■ What is required ■
Whenever a picture appears, omit it, and set down everything else in the records exactly.

■ Available data ■
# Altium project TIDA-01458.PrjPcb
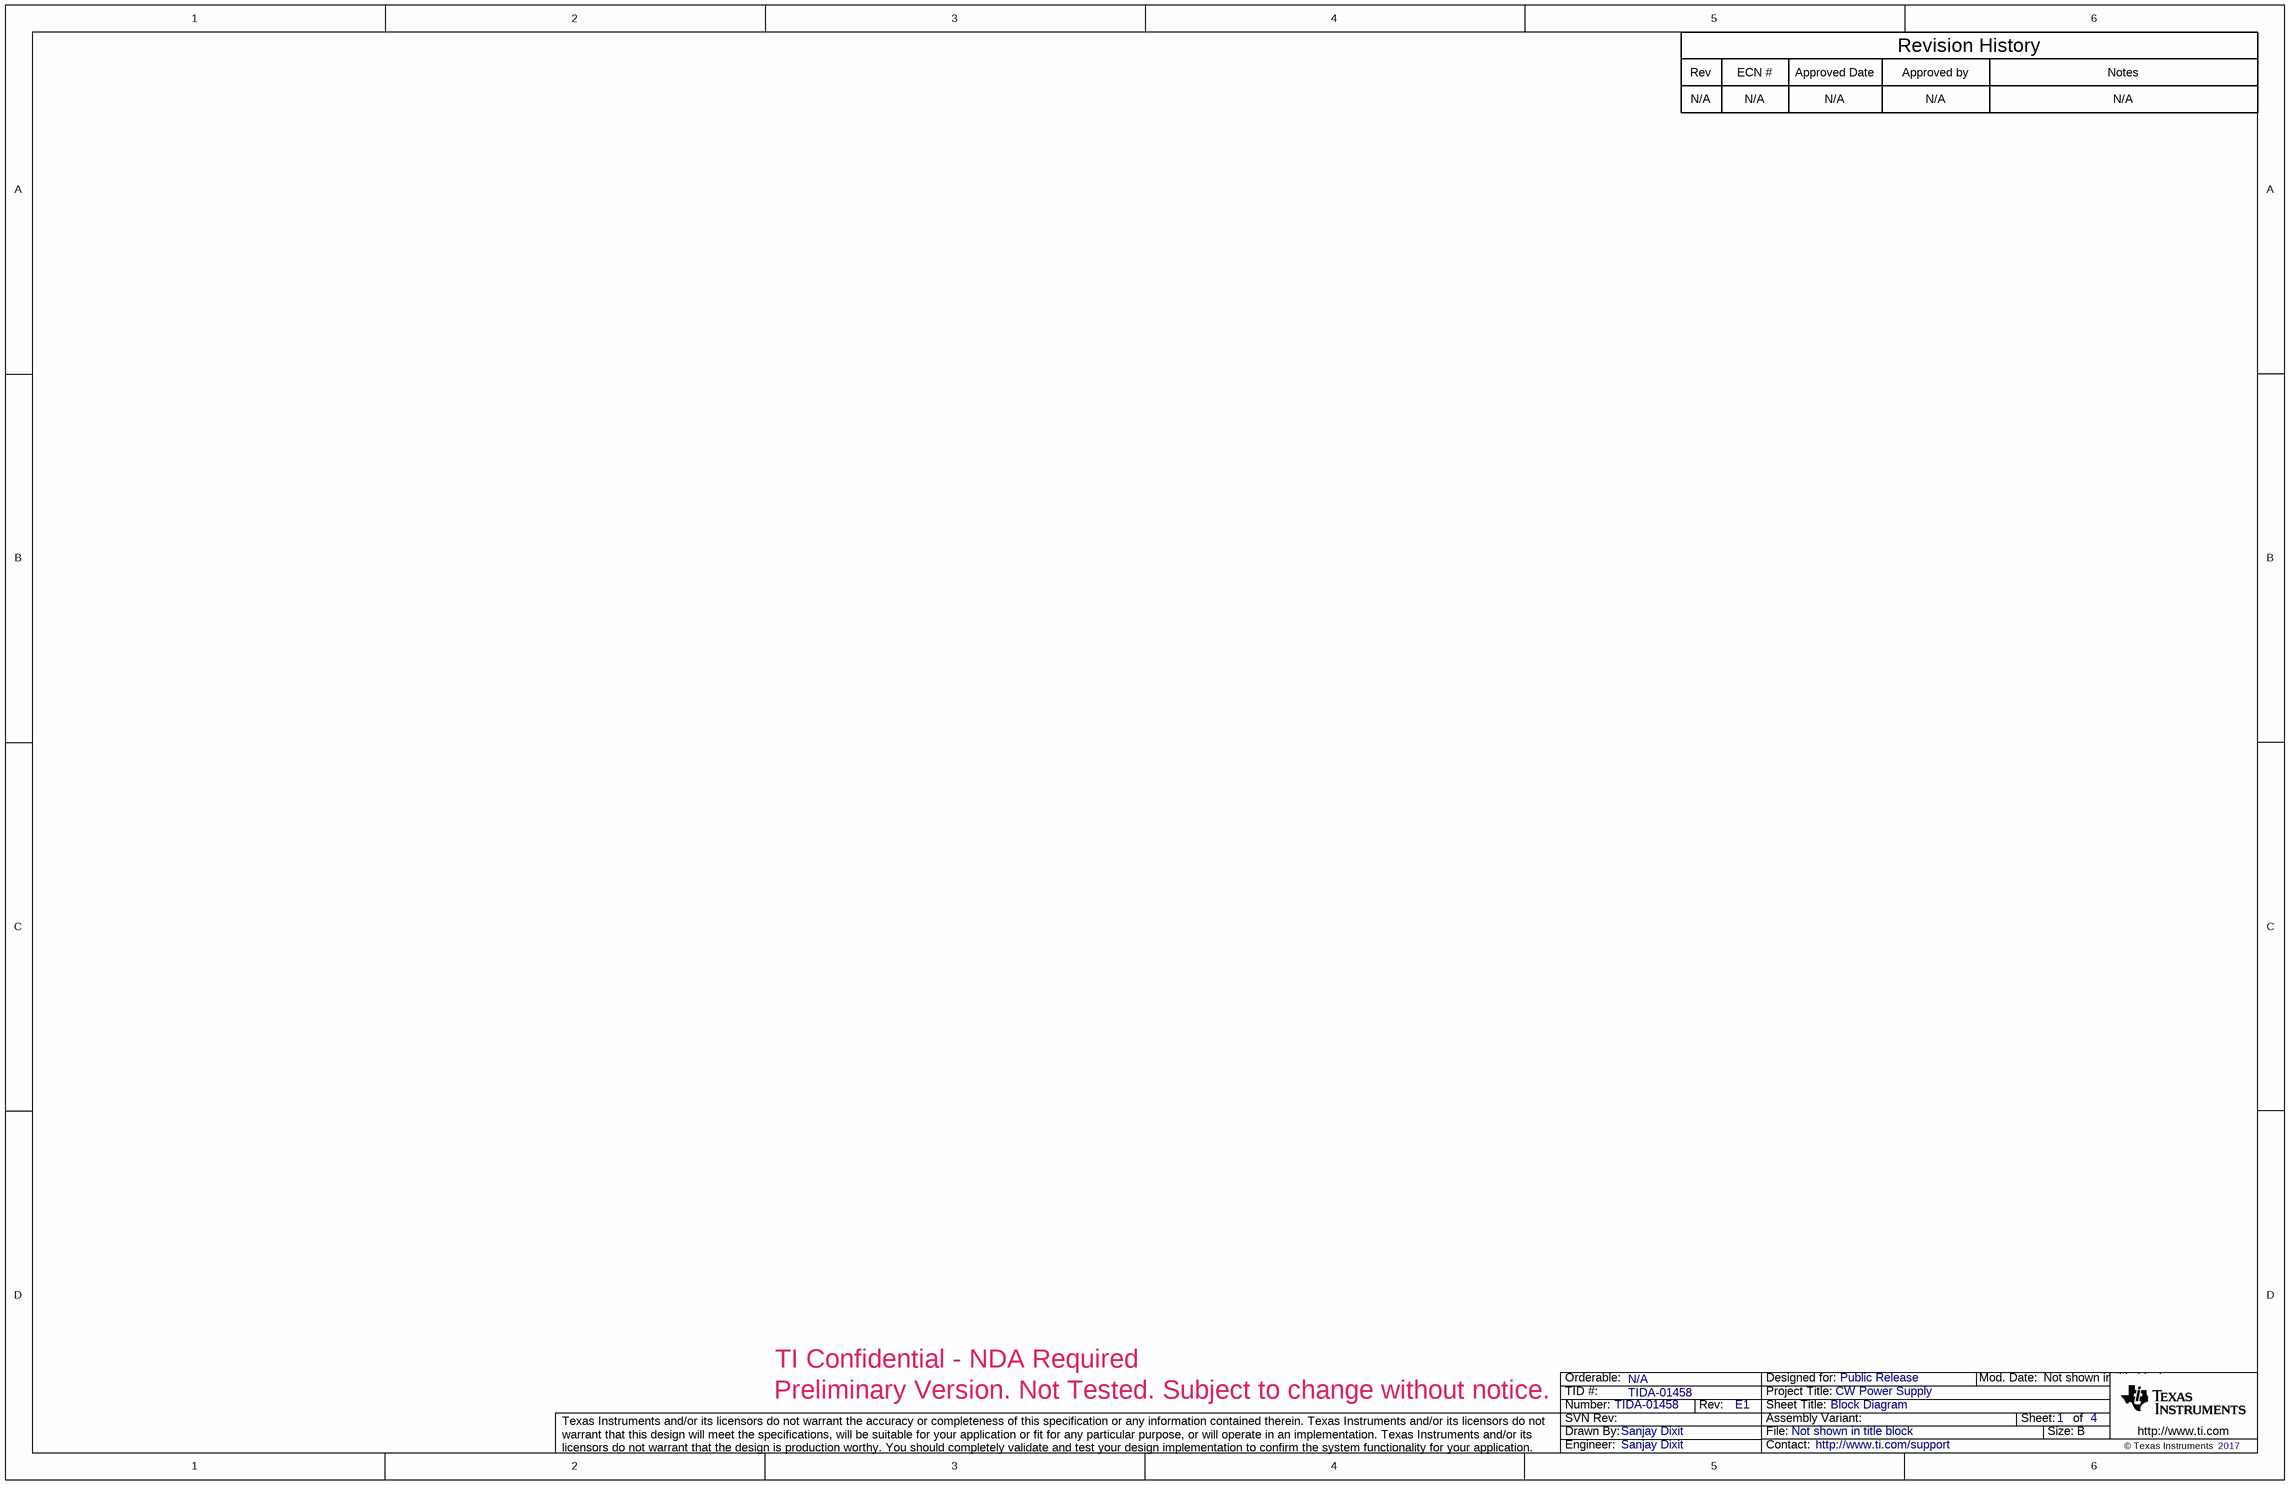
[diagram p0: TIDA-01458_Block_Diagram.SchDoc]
CopyrightYear: 2017; EVM_orderable: N/A; PCB_Layout: Akshay Labhe; PCB_Rev: E1; PRJ_Customer: Public Release; PRJ_Engineer: Sanjay Dixit; PRJ_Number: TIDA-01458; PRJ_Title: CW Power Supply; SCH_Rev: E1; TechSupport: http://www.ti.com/support; TID: TIDA-01458
4 sheets, 189 parts. Net scope: global (net labels, ports and power ports of the same name join across sheets).
Board file: TIDA-01458_PCB.PcbDoc
Sheets:
  TIDA-01458_Block_Diagram.SchDoc
  TIDA-01458-Sheet1.SchDoc
  TIDA-01458_Sheet2.SchDoc
  TIDA-01458_Hardware.SchDoc

## Sheet TIDA-01458_Block_Diagram.SchDoc: Block Diagram
size 431 x 279 mm; Date: Not shown in title block; ApprovedBy: Not shown in title block; CheckedBy: Not shown in title block; Author: Not shown in title block; CompanyName: Not shown in title block; DrawnBy: Sanjay Dixit; Engineer: Not shown in title block; Organization: Not shown in title block; Address1: Not shown in title block; Address2: Not shown in title block; Address3: Not shown in title block; Address4: Not shown in title block; DocumentNumber: 1; Revision: Use project parameter SCH_Rev; SheetNumber: 1; SheetTotal: 4; PageSetup: Record=PageOptions¦CenterHorizontal=True¦CenterVertical=True¦PrintScale=1.00¦XCorrection=1.00¦YCorrection=1.00¦PrintKind=0¦BorderSize=5000000¦LeftOffset=0¦BottomOffset=0¦Orientation=2¦PaperLength=1000¦PaperWidth=1000¦Scale=100¦PaperSource=15¦PrintQuality=600¦MediaType=1¦DitherType=10¦PaperKind=Letter¦PrintScaleMode=1

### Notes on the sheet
- Rev
- N/A
- ECN #
- Approved Date
- Approved by
- Revision History
- Notes
- TI Confidential - NDA Required
- Preliminary Version. Not Tested. Subject to change without notice.

## Sheet TIDA-01458-Sheet1.SchDoc: Sheet1
size 431 x 279 mm; Date: Not shown in title block; ApprovedBy: Not shown in title block; CheckedBy: Not shown in title block; Author: Not shown in title block; CompanyName: Not shown in title block; DrawnBy: Sanjay Dixit; Engineer: Not shown in title block; Organization: Not shown in title block; Address1: Not shown in title block; Address2: Not shown in title block; Address3: Not shown in title block; Address4: Not shown in title block; DocumentNumber: 1; Revision: Use project parameter SCH_Rev; SheetNumber: 2; SheetTotal: 4; PageSetup: Record=PageOptions¦CenterHorizontal=True¦CenterVertical=True¦PrintScale=1.00¦XCorrection=1.00¦YCorrection=1.00¦PrintKind=0¦BorderSize=5000000¦LeftOffset=0¦BottomOffset=0¦Orientation=2¦PaperLength=1000¦PaperWidth=1000¦Scale=100¦PaperSource=15¦PrintQuality=600¦MediaType=1¦DitherType=10¦PaperKind=Letter¦PrintScaleMode=1
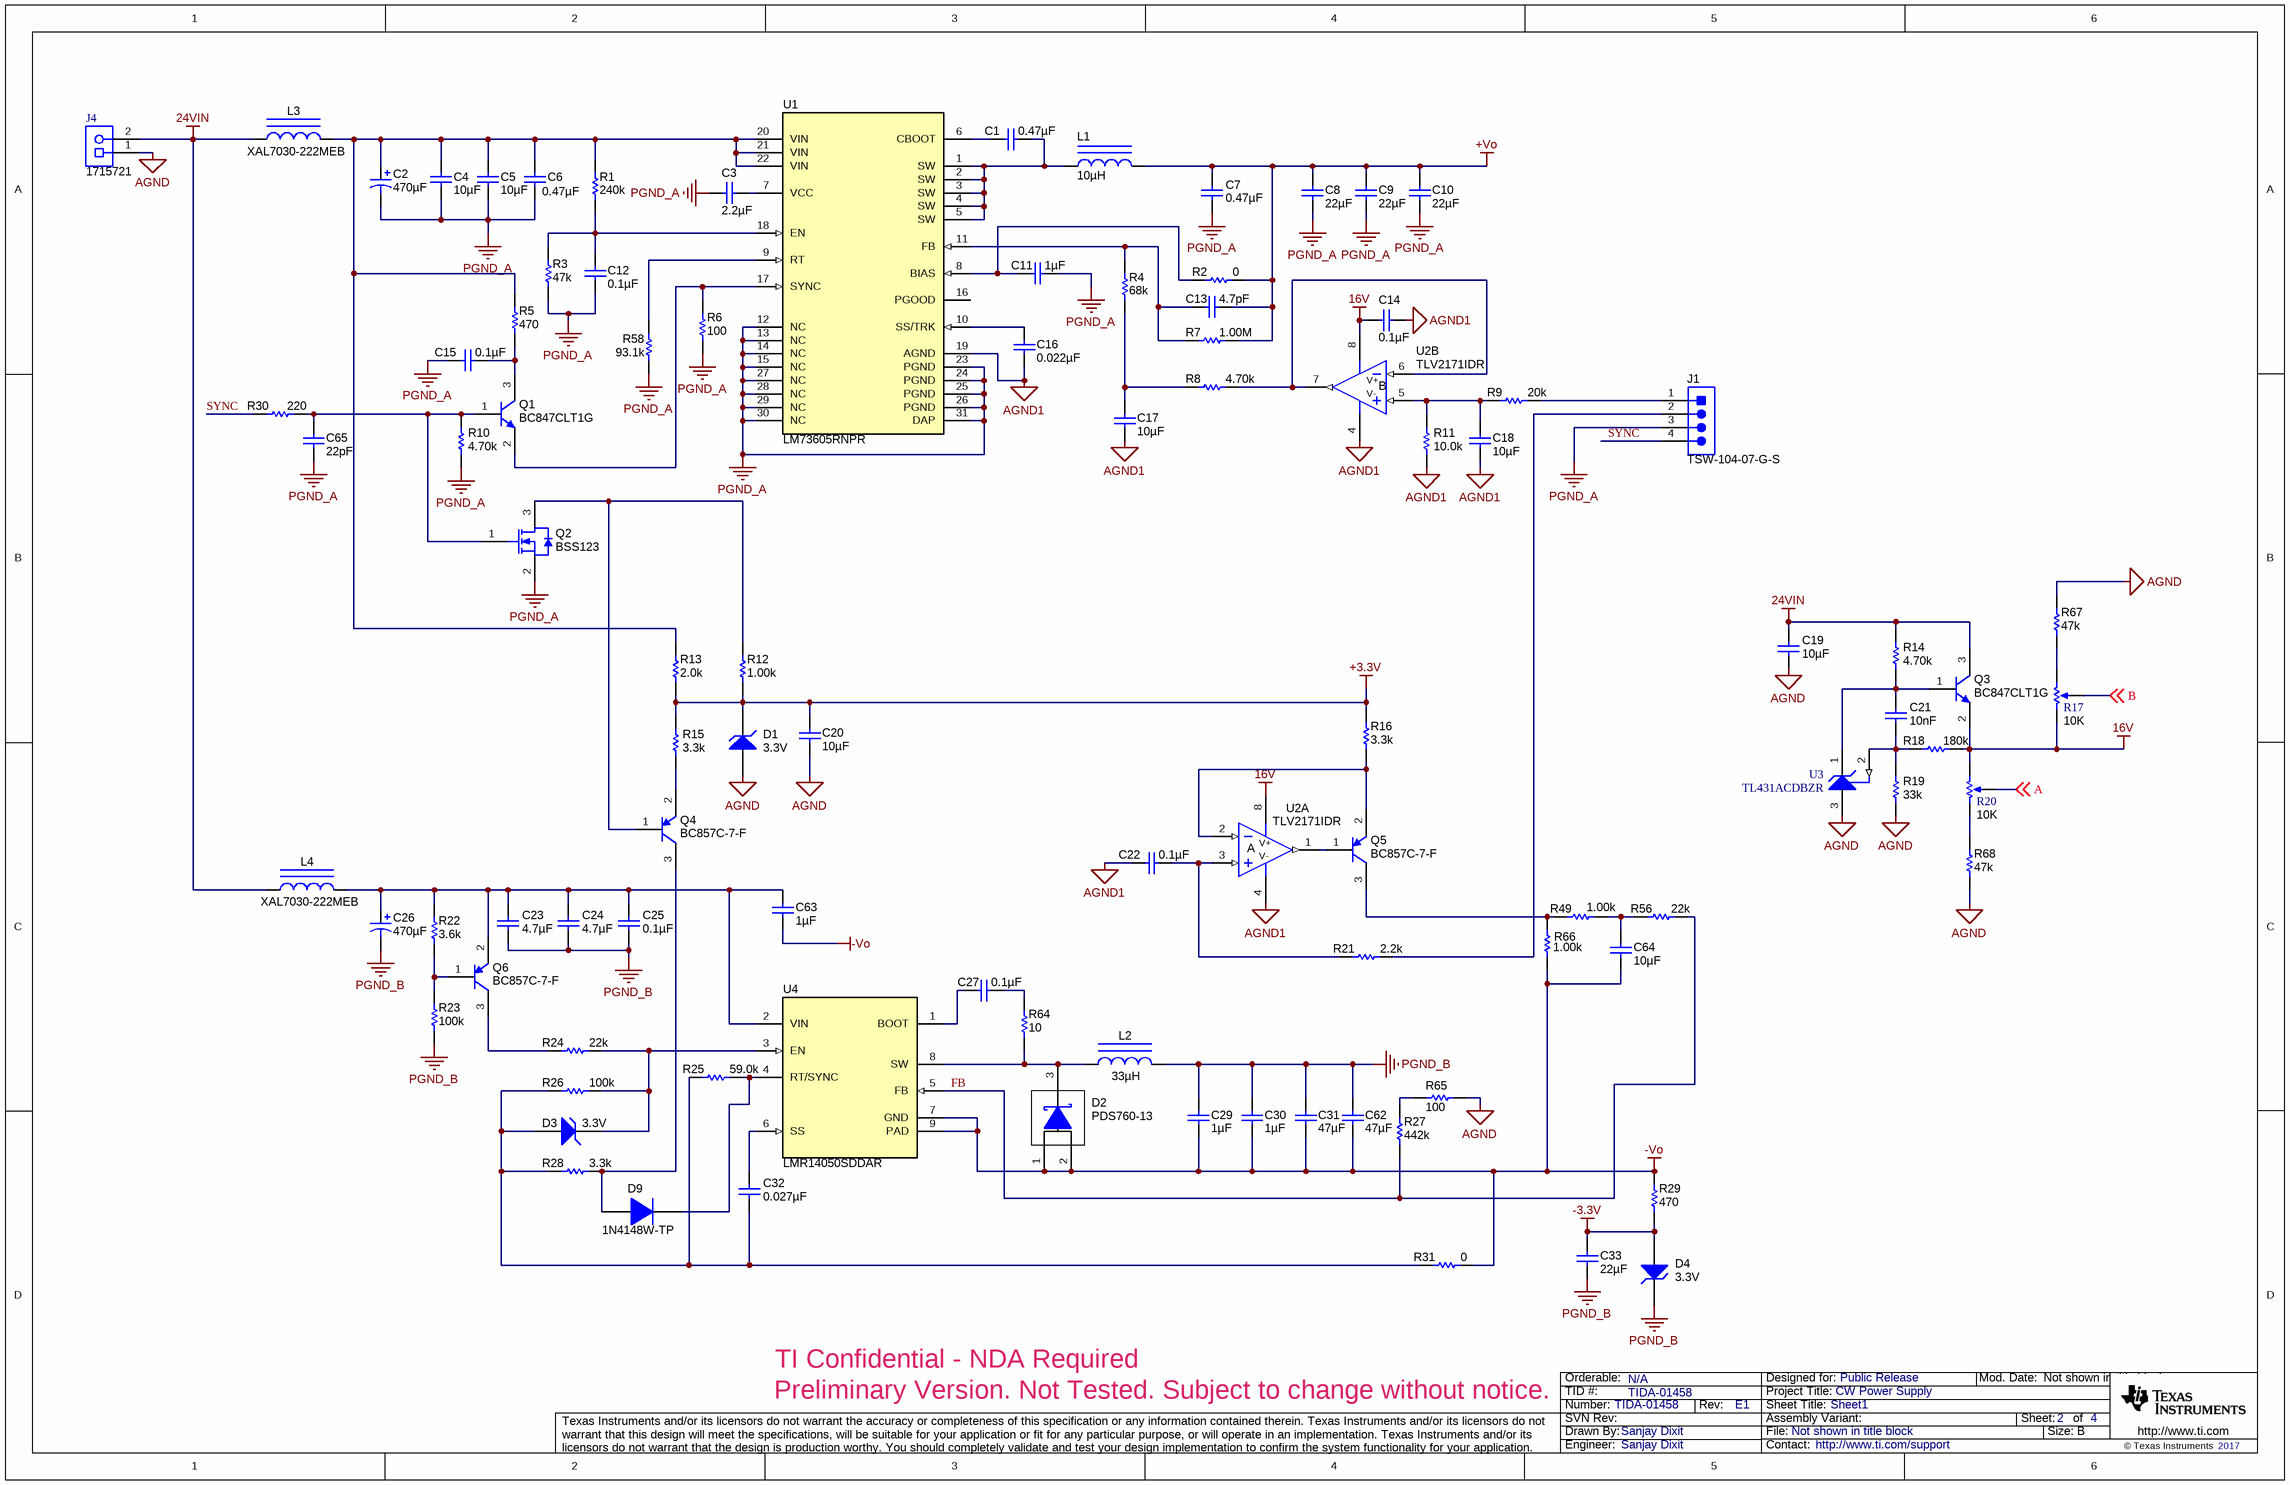
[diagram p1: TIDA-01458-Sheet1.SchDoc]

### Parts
C1  ValueDisplayed: 0.47µF  [0603]  (hidden comment: GRM188R61E474KA12D)
C2  ValueDisplayed: 470µF  [ZL_1000x2000]  (hidden comment: 35ZL470MEFC10X20)
C3  ValueDisplayed: 2.2µF  [0603]  (hidden comment: C1608X5R1V225K080AC)
C4  ValueDisplayed: 10µF  [1210_270]  (hidden comment: GRM32ER71H106KA12L)
C5  ValueDisplayed: 10µF  [1210_270]  (hidden comment: GRM32ER71H106KA12L)
C6  ValueDisplayed: 0.47µF  [0805_HV]  (hidden comment: GRM21BR71H474KA88L)
C7  ValueDisplayed: 0.47µF  [0805_HV]  (hidden comment: GRM21BR71H474KA88L)
C8  ValueDisplayed: 22µF  [1210_270]  (hidden comment: GRM32ER71E226KE15L)
C9  ValueDisplayed: 22µF  [1210_270]  (hidden comment: GRM32ER71E226KE15L)
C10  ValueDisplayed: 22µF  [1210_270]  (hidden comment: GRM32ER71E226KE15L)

■ Exercise result ■
# Altium project TIDA-01458.PrjPcb
[diagram p0: TIDA-01458_Block_Diagram.SchDoc]
CopyrightYear: 2017; EVM_orderable: N/A; PCB_Layout: Akshay Labhe; PCB_Rev: E1; PRJ_Customer: Public Release; PRJ_Engineer: Sanjay Dixit; PRJ_Number: TIDA-01458; PRJ_Title: CW Power Supply; SCH_Rev: E1; TechSupport: http://www.ti.com/support; TID: TIDA-01458
4 sheets, 189 parts. Net scope: global (net labels, ports and power ports of the same name join across sheets).
Board file: TIDA-01458_PCB.PcbDoc
Sheets:
  TIDA-01458_Block_Diagram.SchDoc
  TIDA-01458-Sheet1.SchDoc
  TIDA-01458_Sheet2.SchDoc
  TIDA-01458_Hardware.SchDoc

## Sheet TIDA-01458_Block_Diagram.SchDoc: Block Diagram
size 431 x 279 mm; Date: Not shown in title block; ApprovedBy: Not shown in title block; CheckedBy: Not shown in title block; Author: Not shown in title block; CompanyName: Not shown in title block; DrawnBy: Sanjay Dixit; Engineer: Not shown in title block; Organization: Not shown in title block; Address1: Not shown in title block; Address2: Not shown in title block; Address3: Not shown in title block; Address4: Not shown in title block; DocumentNumber: 1; Revision: Use project parameter SCH_Rev; SheetNumber: 1; SheetTotal: 4; PageSetup: Record=PageOptions¦CenterHorizontal=True¦CenterVertical=True¦PrintScale=1.00¦XCorrection=1.00¦YCorrection=1.00¦PrintKind=0¦BorderSize=5000000¦LeftOffset=0¦BottomOffset=0¦Orientation=2¦PaperLength=1000¦PaperWidth=1000¦Scale=100¦PaperSource=15¦PrintQuality=600¦MediaType=1¦DitherType=10¦PaperKind=Letter¦PrintScaleMode=1

### Notes on the sheet
- Rev
- N/A
- ECN #
- Approved Date
- Approved by
- Revision History
- Notes
- TI Confidential - NDA Required
- Preliminary Version. Not Tested. Subject to change without notice.

## Sheet TIDA-01458-Sheet1.SchDoc: Sheet1
size 431 x 279 mm; Date: Not shown in title block; ApprovedBy: Not shown in title block; CheckedBy: Not shown in title block; Author: Not shown in title block; CompanyName: Not shown in title block; DrawnBy: Sanjay Dixit; Engineer: Not shown in title block; Organization: Not shown in title block; Address1: Not shown in title block; Address2: Not shown in title block; Address3: Not shown in title block; Address4: Not shown in title block; DocumentNumber: 1; Revision: Use project parameter SCH_Rev; SheetNumber: 2; SheetTotal: 4; PageSetup: Record=PageOptions¦CenterHorizontal=True¦CenterVertical=True¦PrintScale=1.00¦XCorrection=1.00¦YCorrection=1.00¦PrintKind=0¦BorderSize=5000000¦LeftOffset=0¦BottomOffset=0¦Orientation=2¦PaperLength=1000¦PaperWidth=1000¦Scale=100¦PaperSource=15¦PrintQuality=600¦MediaType=1¦DitherType=10¦PaperKind=Letter¦PrintScaleMode=1
[diagram p1: TIDA-01458-Sheet1.SchDoc]

### Parts
C1  ValueDisplayed: 0.47µF  [0603]  (hidden comment: GRM188R61E474KA12D)
C2  ValueDisplayed: 470µF  [ZL_1000x2000]  (hidden comment: 35ZL470MEFC10X20)
C3  ValueDisplayed: 2.2µF  [0603]  (hidden comment: C1608X5R1V225K080AC)
C4  ValueDisplayed: 10µF  [1210_270]  (hidden comment: GRM32ER71H106KA12L)
C5  ValueDisplayed: 10µF  [1210_270]  (hidden comment: GRM32ER71H106KA12L)
C6  ValueDisplayed: 0.47µF  [0805_HV]  (hidden comment: GRM21BR71H474KA88L)
C7  ValueDisplayed: 0.47µF  [0805_HV]  (hidden comment: GRM21BR71H474KA88L)
C8  ValueDisplayed: 22µF  [1210_270]  (hidden comment: GRM32ER71E226KE15L)
C9  ValueDisplayed: 22µF  [1210_270]  (hidden comment: GRM32ER71E226KE15L)
C10  ValueDisplayed: 22µF  [1210_270]  (hidden comment: GRM32ER71E226KE15L)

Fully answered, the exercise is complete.